Task item: Report the count of lines in the listing below that include the string "blocks", with no other text.

____ Task inputs

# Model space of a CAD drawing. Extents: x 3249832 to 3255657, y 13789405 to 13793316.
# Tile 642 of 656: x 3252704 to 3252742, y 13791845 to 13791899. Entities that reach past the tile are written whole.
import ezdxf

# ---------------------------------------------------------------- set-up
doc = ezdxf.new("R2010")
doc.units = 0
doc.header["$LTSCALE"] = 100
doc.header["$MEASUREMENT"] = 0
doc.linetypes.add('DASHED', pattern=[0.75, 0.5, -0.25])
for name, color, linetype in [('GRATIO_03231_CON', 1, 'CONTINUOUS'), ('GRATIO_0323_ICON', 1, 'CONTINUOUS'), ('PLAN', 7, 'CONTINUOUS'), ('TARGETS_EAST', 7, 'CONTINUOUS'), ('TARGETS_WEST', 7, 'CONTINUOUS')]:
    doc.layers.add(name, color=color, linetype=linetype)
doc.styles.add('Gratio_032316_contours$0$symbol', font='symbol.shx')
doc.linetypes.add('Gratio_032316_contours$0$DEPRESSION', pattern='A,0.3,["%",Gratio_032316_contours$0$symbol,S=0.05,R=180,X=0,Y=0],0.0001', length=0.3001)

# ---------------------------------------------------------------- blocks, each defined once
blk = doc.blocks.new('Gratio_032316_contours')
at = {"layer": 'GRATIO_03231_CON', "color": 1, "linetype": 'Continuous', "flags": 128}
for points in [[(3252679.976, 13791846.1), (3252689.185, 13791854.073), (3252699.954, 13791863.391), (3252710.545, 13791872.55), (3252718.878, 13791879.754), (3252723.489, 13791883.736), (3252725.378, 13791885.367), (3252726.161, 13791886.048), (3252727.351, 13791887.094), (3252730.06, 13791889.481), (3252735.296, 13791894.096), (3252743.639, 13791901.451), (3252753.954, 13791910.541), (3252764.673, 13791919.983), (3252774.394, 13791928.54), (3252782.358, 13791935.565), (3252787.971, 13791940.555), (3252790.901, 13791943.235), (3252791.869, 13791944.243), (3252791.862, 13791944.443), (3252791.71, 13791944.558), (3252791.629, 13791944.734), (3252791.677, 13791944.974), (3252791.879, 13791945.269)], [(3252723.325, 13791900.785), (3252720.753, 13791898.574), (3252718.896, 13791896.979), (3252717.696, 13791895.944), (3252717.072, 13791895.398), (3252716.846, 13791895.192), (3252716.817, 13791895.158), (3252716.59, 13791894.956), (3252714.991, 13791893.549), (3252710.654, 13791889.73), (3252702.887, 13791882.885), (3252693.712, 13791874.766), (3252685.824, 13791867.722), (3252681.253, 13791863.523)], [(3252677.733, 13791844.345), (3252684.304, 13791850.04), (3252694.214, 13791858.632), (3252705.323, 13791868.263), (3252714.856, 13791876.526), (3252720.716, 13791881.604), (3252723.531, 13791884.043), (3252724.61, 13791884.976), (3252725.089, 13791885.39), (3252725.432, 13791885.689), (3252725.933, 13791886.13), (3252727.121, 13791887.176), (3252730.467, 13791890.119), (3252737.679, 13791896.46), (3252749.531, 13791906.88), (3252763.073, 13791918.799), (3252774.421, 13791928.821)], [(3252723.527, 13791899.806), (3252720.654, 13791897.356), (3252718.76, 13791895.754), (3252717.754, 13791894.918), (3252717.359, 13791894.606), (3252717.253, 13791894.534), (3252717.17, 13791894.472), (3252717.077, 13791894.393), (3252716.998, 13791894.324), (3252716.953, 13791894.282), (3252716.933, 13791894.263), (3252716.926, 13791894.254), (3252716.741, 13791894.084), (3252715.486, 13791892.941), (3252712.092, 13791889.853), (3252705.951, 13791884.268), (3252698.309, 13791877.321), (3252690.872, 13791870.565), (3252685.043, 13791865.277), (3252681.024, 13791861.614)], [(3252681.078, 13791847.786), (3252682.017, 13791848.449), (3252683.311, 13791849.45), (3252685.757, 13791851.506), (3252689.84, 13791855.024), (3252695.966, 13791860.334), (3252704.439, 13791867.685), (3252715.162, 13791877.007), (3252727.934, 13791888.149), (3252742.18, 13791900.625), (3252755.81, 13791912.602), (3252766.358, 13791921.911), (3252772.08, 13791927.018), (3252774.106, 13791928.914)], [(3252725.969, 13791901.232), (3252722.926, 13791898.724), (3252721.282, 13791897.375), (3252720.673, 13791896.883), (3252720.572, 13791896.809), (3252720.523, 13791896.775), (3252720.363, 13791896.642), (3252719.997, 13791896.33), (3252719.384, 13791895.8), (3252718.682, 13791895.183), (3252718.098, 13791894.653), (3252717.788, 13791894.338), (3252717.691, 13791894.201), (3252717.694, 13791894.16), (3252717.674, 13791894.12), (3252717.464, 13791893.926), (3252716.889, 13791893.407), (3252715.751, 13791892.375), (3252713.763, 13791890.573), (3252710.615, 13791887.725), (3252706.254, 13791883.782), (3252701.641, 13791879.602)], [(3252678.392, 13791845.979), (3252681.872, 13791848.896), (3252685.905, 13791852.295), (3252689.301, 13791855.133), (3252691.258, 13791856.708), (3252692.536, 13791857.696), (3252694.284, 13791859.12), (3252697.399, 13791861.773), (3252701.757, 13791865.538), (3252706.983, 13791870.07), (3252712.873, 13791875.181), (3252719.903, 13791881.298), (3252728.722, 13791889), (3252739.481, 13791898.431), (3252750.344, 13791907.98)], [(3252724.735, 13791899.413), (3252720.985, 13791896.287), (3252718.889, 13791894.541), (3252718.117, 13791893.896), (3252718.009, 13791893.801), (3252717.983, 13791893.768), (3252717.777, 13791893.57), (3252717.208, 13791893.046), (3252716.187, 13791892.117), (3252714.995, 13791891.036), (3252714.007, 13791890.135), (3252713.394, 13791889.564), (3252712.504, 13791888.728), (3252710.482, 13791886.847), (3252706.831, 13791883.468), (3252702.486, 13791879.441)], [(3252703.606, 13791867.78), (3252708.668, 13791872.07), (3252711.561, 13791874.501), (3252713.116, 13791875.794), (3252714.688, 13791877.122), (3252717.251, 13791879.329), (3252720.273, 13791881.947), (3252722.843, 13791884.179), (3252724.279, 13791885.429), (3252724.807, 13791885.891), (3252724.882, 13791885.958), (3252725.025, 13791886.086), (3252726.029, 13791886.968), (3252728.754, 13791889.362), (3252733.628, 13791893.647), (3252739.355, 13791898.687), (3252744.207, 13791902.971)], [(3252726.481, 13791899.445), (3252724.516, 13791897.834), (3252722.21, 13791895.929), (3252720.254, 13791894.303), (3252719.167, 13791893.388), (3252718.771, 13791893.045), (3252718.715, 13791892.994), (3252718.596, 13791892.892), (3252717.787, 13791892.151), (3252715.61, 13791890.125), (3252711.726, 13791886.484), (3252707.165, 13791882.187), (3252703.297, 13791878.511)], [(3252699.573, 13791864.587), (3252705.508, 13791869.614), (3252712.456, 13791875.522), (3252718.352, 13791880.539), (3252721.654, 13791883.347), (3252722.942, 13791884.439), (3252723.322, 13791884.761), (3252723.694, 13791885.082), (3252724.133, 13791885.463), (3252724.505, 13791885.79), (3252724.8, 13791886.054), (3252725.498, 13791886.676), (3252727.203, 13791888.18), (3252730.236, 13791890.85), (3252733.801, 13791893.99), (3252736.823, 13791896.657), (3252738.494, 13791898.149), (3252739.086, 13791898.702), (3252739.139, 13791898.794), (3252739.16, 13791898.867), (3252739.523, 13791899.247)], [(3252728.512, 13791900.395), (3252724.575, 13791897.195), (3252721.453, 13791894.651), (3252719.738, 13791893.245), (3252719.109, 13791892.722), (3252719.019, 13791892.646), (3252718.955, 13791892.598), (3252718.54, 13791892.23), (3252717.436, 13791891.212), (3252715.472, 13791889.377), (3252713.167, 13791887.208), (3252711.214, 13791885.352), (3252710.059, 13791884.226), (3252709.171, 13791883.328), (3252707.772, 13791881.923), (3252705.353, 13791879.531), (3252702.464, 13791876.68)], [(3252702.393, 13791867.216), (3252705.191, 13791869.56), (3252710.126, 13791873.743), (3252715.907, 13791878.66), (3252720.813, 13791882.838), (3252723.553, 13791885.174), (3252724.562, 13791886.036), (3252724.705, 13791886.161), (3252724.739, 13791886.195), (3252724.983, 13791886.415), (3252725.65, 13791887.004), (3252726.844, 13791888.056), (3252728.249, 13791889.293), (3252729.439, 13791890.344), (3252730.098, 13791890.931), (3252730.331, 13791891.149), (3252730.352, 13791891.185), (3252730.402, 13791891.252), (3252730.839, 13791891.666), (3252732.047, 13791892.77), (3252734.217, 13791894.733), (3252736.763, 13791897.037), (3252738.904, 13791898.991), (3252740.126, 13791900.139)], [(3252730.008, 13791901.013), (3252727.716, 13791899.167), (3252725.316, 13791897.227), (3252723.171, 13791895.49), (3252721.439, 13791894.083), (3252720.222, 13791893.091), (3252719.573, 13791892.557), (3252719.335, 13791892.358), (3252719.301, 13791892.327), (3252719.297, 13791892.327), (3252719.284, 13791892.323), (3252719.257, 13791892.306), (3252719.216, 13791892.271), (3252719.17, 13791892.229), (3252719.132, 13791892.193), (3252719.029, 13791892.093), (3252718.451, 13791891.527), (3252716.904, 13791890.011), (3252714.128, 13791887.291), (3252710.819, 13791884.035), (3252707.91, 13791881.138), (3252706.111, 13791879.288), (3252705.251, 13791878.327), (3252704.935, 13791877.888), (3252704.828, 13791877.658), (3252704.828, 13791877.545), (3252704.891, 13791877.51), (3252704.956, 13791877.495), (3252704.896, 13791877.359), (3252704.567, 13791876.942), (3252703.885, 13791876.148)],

________

Solution for this exercise: 2